[IFCT-0302 trial: randomised study comparing two follow-up schedules in completely resected non-small cell lung cancer]

Rev Mal Respir. 2007 May;24(5):645-52. doi: 10.1016/s0761-8425(07)91135-3.
[Article in French]

Abstract

Background: The authorities advocate a minimalist attitude towards the follow-up of resected bronchial carcinoma (clinical examination and chest x-ray). A survey showed that 70% of French respiratory physicians have chosen to use the CT scanner and often endoscopy. The published data are equivocal and are often based on retrospective studies.
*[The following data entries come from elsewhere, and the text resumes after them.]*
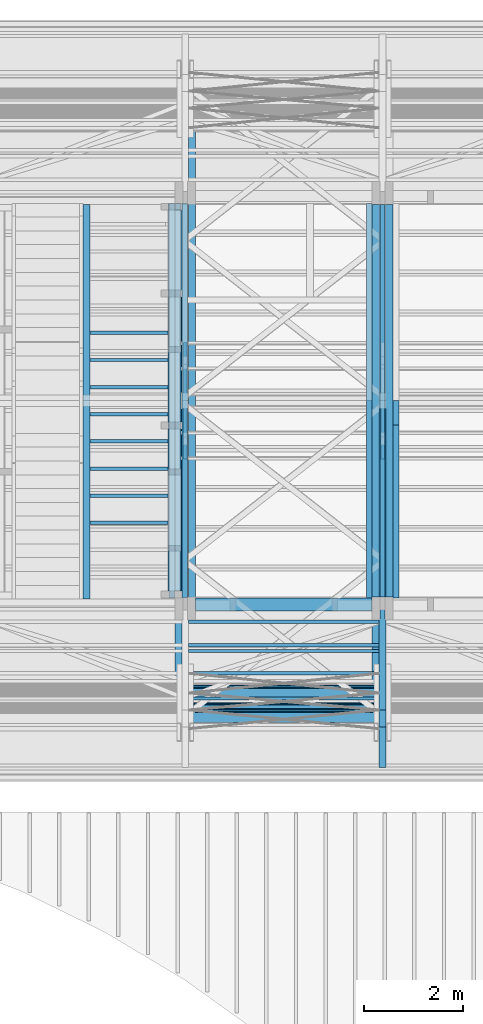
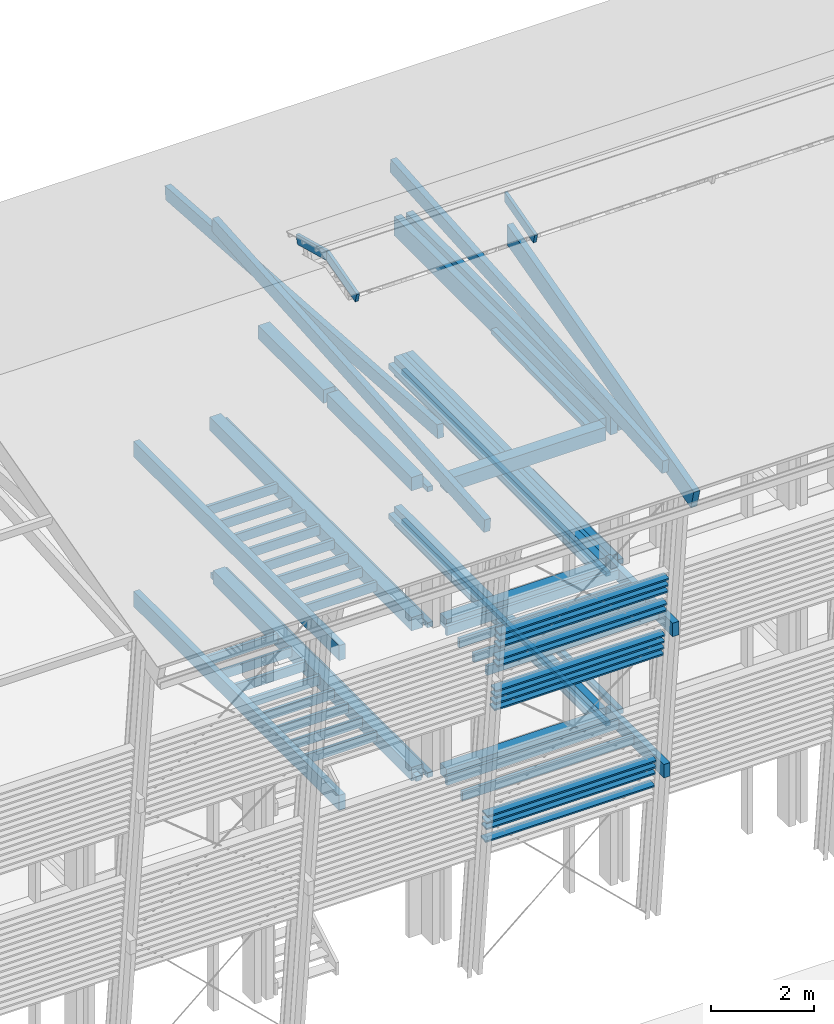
# One storey, part 10 of 48: 71 beams.
"""IFC2X3 building model written with IfcOpenShell, lengths in metres."""

from ifc_helpers import new_model, si_unit, direction, frame, origin_with_axes, place, context, subcontext, project, spatial, faceted_brep, material, element, save


model = new_model("IFC2X3")

# Units and contexts
model_context = context("Model", 3, precision=1e-06, world=origin_with_axes(), true_north=direction((0.0, 1.0, 0.0)))
body_context = subcontext(model_context, "Body", "Model", "MODEL_VIEW")
ifc_project = project(units=[si_unit("LENGTHUNIT", "METRE"), si_unit("AREAUNIT", "SQUARE_METRE"), si_unit("VOLUMEUNIT", "CUBIC_METRE"), si_unit("PLANEANGLEUNIT", "RADIAN")], contexts=[model_context])

# Site, building, storey
site_placement = place(None, origin_with_axes())
site = spatial("IfcSite", under=ifc_project, at=site_placement, CompositionType="ELEMENT")
building_placement = place(site_placement, origin_with_axes())
building = spatial("IfcBuilding", under=site, at=building_placement, Name="Building 1", CompositionType="ELEMENT")
storey_placement = place(building_placement, origin_with_axes())
storey = spatial("IfcBuildingStorey", under=building, at=storey_placement, Name="Storey 1", CompositionType="ELEMENT", Elevation=0.0)

# Beams
ifc_material_1 = material(Name="GL28h")
beam_1_placement = place(storey_placement, frame((43.5597437, -190.0330698, 7.699), z_axis=(0.0, 0.0, 1.0), x_axis=(1.0, 0.0, 0.0)))
element("IfcBeam", 1, at=beam_1_placement, inside=storey, material=ifc_material_1, Name="Solive", context=body_context, shape_type="Brep", body=[
    faceted_brep([(1.58, 0.035, -0.11), (1.58, -0.035, -0.11), (0.0, -0.035, -0.11), (0.0, 0.035, -0.11), (1.58, -0.035, 0.11), (0.0, -0.035, 0.11), (1.58, 0.035, 0.11), (0.0, 0.035, 0.11)], [[[0, 1, 2, 3]], [[1, 4, 5, 2]], [[4, 6, 7, 5]], [[6, 0, 3, 7]], [[0, 6, 4, 1]], [[5, 7, 3, 2]]]),
])
beam_2_placement = place(storey_placement, frame((45.2197437, -185.2064881, 4.015), z_axis=(0.0, 0.0, 1.0), x_axis=(0.0, -1.0, 0.0)))
element("IfcBeam", 2, at=beam_2_placement, inside=storey, material=ifc_material_1, Name="Sous-glace", context=body_context, shape_type="Brep", body=[
    faceted_brep([(0.0, -0.06, -0.06), (0.0, 0.06, -0.06), (8.0031634, 0.06, -0.06), (8.0031634, -0.06, -0.06), (0.0, 0.06, 0.06), (8.0031634, 0.06, 0.06), (0.0, -0.06, 0.06), (8.0031634, -0.06, 0.06)], [[[0, 1, 2, 3]], [[1, 4, 5, 2]], [[4, 6, 7, 5]], [[6, 0, 3, 7]], [[0, 6, 4, 1]], [[5, 7, 3, 2]]]),
])
beam_3_placement = place(storey_placement, frame((45.4897437, -190.3622807, 13.6093897), z_axis=(0.0, -0.258819, 0.9659258), x_axis=(0.0, 0.9659258, 0.258819)))
element("IfcBeam", 3, at=beam_3_placement, inside=storey, material=ifc_material_1, Name="Arbalétrier", context=body_context, shape_type="Brep", body=[
    faceted_brep([(0.0, -0.035, -0.11), (0.0, -0.035, 0.11), (0.0, 0.035, 0.11), (0.0, 0.035, -0.11), (1.2244015, -0.035, 0.11), (1.2244015, 0.035, 0.11), (1.1654527, -0.035, -0.11), (1.1654527, 0.035, -0.11)], [[[0, 1, 2, 3]], [[2, 1, 4, 5]], [[1, 0, 6, 4]], [[7, 5, 4, 6]], [[0, 3, 7, 6]], [[3, 2, 5, 7]]]),
])
beam_4_placement = place(storey_placement, frame((45.2697437, -185.3464881, 4.055), z_axis=(0.0, 0.0, 1.0), x_axis=(0.0, -1.0, 0.0)))
element("IfcBeam", 4, at=beam_4_placement, inside=storey, material=ifc_material_1, Name="Buton", context=body_context, shape_type="Brep", body=[
    faceted_brep([(7.7231634, -0.13, -0.16), (0.0, -0.13, -0.16), (0.0, 0.13, -0.16), (7.7231634, 0.13, -0.16), (0.0, -0.13, 0.16), (0.0, 0.13, 0.16), (7.7231634, -0.13, 0.16), (7.7231634, 0.13, 0.16)], [[[0, 1, 2, 3]], [[2, 1, 4, 5]], [[1, 0, 6, 4]], [[5, 4, 6, 7]], [[0, 3, 7, 6]], [[3, 2, 5, 7]]]),
])
beam_5_placement = place(storey_placement, frame((43.5597437, -190.5830698, 4.139), z_axis=(0.0, 0.0, 1.0), x_axis=(1.0, 0.0, 0.0)))
element("IfcBeam", 5, at=beam_5_placement, inside=storey, material=ifc_material_1, Name="Solive", context=body_context, shape_type="Brep", body=[
    faceted_brep([(1.58, 0.035, -0.11), (1.58, -0.035, -0.11), (0.0, -0.035, -0.11), (0.0, 0.035, -0.11), (1.58, -0.035, 0.11), (0.0, -0.035, 0.11), (1.58, 0.035, 0.11), (0.0, 0.035, 0.11)], [[[0, 1, 2, 3]], [[1, 4, 5, 2]], [[4, 6, 7, 5]], [[6, 0, 3, 7]], [[0, 6, 4, 1]], [[5, 7, 3, 2]]]),
])
beam_6_placement = place(storey_placement, frame((49.7597437, -189.7005698, 4.015), z_axis=(0.0, 0.0, 1.0), x_axis=(0.0, -1.0, 0.0)))
element("IfcBeam", 6, at=beam_6_placement, inside=storey, material=ifc_material_1, Name="Sous-glace", context=body_context, shape_type="Brep", body=[
    faceted_brep([(0.0, 0.06, -0.06), (0.0, -0.06, -0.06), (0.0, -0.06, 0.06), (0.0, 0.06, 0.06), (3.5090817, 0.06, 0.06), (3.5090817, 0.06, -0.06), (3.5090817, -0.06, -0.06), (3.5090817, -0.06, 0.06)], [[[0, 1, 2, 3]], [[0, 3, 4, 5]], [[2, 1, 6, 7]], [[3, 2, 7, 4]], [[1, 0, 5, 6]], [[4, 7, 6, 5]]]),
])
beam_7_placement = place(storey_placement, frame((45.6997437, -193.3396515, 4.085), z_axis=(0.0, 0.0, 1.0), x_axis=(1.0, 0.0, 0.0)))
element("IfcBeam", 7, at=beam_7_placement, inside=storey, material=ifc_material_1, Name="Buton", context=body_context, shape_type="Brep", body=[
    faceted_brep([(0.0, 0.13, 0.13), (0.0, -0.13, 0.13), (3.58, -0.13, 0.13), (3.58, 0.13, 0.13), (0.0, -0.13, -0.13), (3.58, -0.13, -0.13), (0.0, 0.13, -0.13), (3.58, 0.13, -0.13)], [[[0, 1, 2, 3]], [[2, 1, 4, 5]], [[1, 0, 6, 4]], [[5, 4, 6, 7]], [[0, 3, 7, 6]], [[3, 2, 5, 7]]]),
])
for number, where, z_axis, x_axis, name in (
    (8, (49.7597437, -189.2071519, 10.820019), (0.0, -0.0149983, 0.9998875), (0.0, -0.9998875, -0.0149983), "Sous-glace"),
    (9, (49.2197437, -189.2071519, 10.8200184), (0.0, -0.0149983, 0.9998875), (0.0, -0.9998875, -0.0149983), "Sous-glace"),
    (10, (45.4797437, -189.2071519, 10.8600229), (0.0, -0.0149983, 0.9998875), (0.0, -0.9998875, -0.0149983), "Sous-glace"),
):
    element("IfcBeam", number, at=place(storey_placement, frame(where, z_axis=z_axis, x_axis=x_axis)), inside=storey, material=ifc_material_1, Name=name, context=body_context, shape_type="Brep", body=[
        faceted_brep([(4.0020498, -0.06, 0.06), (4.0038498, -0.06, -0.06), (4.0038498, 0.06, -0.06), (4.0020498, 0.06, 0.06), (0.0018, -0.06, -0.06), (0.0018, 0.06, -0.06), (0.0, -0.06, 0.06), (0.0, 0.06, 0.06)], [[[0, 1, 2, 3]], [[2, 1, 4, 5]], [[1, 0, 6, 4]], [[5, 4, 6, 7]], [[3, 2, 5, 7]], [[0, 3, 7, 6]]]),
    ])
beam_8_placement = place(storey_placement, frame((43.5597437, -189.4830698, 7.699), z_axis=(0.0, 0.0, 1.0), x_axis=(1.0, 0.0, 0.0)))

Lung cancer is a good model for a study of post-operative surveillance. Recurrences often occur in easily observed areas, they may be detected while still asymptomatic and are sometimes potentially curable. Second primary tumours may develop at the same site.

Methods: The Intergroupe Francophone de Cancerologie Thoracique (IFCT) has initiated a trial comparing simple follow-up (clinical examination, chest x-ray) with a more intensive follow-up (CT scan, fibreoptic bronchoscopy). The surveillance will take place every 6 months for 2 years and then annually until 5 years.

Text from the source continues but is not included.